#### [Problem description]
Start at the line in the entries below that contains "Products named in", stop at the line that contains "Topology: 3 solids, 5", and output exactly the lines in that span, both ends included.

[Stored dataset items]
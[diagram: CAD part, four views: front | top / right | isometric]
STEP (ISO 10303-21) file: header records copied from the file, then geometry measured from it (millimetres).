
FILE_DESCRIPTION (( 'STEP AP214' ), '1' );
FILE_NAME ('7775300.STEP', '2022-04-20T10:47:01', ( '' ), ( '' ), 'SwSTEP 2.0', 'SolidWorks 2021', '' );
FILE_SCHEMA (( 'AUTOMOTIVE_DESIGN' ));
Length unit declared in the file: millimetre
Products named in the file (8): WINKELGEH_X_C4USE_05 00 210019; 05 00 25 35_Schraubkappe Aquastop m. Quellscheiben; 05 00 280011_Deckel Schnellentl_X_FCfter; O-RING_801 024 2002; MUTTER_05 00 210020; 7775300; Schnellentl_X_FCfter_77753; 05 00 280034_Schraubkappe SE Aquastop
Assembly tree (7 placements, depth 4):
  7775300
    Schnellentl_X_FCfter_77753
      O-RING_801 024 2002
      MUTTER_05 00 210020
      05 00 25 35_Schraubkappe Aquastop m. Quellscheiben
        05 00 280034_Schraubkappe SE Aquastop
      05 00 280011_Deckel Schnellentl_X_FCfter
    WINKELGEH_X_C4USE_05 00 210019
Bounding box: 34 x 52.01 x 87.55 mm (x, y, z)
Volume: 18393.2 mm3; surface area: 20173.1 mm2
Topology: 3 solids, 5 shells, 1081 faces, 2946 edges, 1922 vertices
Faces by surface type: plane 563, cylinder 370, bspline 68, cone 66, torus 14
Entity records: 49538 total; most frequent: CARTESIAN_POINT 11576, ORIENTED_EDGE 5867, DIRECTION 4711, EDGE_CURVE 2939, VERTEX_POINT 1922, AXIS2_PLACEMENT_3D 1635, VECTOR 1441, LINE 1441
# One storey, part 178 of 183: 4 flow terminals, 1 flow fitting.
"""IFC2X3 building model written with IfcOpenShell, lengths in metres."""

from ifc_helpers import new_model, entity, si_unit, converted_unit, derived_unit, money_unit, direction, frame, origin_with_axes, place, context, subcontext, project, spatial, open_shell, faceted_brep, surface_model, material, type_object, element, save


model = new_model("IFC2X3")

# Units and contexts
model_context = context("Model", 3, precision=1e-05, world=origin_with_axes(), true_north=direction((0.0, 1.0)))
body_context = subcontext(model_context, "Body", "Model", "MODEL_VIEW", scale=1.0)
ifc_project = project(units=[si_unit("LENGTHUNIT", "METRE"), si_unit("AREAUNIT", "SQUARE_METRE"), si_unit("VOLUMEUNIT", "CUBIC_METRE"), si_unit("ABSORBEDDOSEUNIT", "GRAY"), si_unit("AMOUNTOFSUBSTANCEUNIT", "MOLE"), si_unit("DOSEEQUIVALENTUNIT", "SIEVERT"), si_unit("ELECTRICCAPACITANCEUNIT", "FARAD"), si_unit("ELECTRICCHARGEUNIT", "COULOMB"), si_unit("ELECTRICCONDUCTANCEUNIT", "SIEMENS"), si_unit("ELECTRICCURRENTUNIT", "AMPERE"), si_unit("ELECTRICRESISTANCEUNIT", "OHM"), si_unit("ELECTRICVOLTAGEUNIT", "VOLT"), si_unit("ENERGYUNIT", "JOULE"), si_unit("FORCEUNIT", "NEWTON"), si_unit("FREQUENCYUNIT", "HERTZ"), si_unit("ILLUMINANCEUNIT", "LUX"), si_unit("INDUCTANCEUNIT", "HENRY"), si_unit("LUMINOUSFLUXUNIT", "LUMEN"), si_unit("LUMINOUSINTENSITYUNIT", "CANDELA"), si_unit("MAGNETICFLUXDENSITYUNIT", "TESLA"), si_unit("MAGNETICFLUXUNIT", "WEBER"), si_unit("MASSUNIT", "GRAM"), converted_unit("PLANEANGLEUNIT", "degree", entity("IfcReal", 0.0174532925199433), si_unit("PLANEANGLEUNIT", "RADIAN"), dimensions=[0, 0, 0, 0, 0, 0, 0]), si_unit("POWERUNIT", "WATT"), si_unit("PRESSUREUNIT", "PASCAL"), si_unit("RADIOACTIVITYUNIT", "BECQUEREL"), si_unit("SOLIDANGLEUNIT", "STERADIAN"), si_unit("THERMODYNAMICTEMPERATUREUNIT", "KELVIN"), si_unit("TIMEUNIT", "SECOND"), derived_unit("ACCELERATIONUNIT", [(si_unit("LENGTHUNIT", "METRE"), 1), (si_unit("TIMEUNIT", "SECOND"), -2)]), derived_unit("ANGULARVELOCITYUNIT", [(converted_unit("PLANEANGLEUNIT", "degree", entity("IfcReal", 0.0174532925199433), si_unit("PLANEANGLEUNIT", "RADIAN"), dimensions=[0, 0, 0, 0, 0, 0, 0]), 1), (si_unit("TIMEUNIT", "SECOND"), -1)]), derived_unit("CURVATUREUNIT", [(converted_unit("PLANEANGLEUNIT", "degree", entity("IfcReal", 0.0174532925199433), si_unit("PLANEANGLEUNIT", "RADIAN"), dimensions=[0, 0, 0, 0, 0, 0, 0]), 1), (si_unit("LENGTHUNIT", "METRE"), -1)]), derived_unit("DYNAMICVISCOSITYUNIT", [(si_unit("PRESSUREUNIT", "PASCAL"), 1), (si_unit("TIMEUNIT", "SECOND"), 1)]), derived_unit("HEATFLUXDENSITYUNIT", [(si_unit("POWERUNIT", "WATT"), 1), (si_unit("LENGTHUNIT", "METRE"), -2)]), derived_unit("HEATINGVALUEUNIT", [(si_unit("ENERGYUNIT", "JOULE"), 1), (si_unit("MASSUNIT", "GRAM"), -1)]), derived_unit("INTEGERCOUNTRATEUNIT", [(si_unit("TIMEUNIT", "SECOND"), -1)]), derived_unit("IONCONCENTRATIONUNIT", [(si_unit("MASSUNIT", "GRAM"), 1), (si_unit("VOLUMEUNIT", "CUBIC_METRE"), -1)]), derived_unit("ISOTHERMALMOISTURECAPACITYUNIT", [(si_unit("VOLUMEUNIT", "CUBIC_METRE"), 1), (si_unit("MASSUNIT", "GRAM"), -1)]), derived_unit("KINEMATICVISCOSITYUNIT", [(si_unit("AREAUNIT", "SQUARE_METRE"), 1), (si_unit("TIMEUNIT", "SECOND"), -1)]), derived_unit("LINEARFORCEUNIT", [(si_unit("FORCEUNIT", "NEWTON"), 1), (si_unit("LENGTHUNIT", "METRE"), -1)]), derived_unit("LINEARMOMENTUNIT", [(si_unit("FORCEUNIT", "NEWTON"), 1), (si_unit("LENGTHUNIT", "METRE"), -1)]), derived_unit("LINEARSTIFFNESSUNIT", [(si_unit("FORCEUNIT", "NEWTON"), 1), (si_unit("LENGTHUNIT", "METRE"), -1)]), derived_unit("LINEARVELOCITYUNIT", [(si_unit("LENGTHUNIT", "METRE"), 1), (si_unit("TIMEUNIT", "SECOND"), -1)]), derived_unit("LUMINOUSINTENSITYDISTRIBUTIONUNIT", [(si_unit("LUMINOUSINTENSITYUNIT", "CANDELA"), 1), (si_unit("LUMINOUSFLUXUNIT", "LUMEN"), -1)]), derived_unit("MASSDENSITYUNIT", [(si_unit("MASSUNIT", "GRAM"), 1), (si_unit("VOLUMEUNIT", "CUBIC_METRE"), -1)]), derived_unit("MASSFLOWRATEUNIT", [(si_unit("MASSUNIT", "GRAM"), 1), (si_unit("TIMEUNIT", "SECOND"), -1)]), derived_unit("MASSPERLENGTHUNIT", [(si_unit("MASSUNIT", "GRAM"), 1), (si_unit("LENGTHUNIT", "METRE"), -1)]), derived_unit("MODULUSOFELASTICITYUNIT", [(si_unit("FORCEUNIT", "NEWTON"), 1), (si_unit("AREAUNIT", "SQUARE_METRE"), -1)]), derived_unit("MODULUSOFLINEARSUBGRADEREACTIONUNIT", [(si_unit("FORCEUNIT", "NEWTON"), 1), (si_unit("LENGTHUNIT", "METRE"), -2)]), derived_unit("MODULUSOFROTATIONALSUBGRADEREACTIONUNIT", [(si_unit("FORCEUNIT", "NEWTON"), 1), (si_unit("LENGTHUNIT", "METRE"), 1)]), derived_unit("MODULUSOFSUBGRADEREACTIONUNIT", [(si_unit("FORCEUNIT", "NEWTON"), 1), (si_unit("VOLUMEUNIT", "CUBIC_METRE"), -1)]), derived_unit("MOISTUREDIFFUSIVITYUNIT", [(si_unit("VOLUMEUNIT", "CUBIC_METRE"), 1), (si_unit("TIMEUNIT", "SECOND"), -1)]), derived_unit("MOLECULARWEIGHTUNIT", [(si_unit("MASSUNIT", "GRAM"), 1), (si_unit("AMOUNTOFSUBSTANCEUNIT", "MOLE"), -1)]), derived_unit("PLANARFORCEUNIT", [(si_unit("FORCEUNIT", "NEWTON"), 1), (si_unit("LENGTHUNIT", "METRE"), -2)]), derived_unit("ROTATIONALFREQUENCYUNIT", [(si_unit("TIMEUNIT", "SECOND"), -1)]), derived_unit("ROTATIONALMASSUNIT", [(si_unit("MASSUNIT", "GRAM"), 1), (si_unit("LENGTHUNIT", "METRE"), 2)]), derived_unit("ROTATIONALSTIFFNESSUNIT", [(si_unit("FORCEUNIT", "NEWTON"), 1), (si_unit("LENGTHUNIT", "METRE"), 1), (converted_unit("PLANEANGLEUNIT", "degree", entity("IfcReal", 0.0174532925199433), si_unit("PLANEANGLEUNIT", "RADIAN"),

#### [Response to the task]
Products named in the file (8): WINKELGEH_X_C4USE_05 00 210019; 05 00 25 35_Schraubkappe Aquastop m. Quellscheiben; 05 00 280011_Deckel Schnellentl_X_FCfter; O-RING_801 024 2002; MUTTER_05 00 210020; 7775300; Schnellentl_X_FCfter_77753; 05 00 280034_Schraubkappe SE Aquastop
Assembly tree (7 placements, depth 4):
  7775300
    Schnellentl_X_FCfter_77753
      O-RING_801 024 2002
      MUTTER_05 00 210020
      05 00 25 35_Schraubkappe Aquastop m. Quellscheiben
        05 00 280034_Schraubkappe SE Aquastop
      05 00 280011_Deckel Schnellentl_X_FCfter
    WINKELGEH_X_C4USE_05 00 210019
Bounding box: 34 x 52.01 x 87.55 mm (x, y, z)
Volume: 18393.2 mm3; surface area: 20173.1 mm2
Topology: 3 solids, 5 shells, 1081 faces, 2946 edges, 1922 vertices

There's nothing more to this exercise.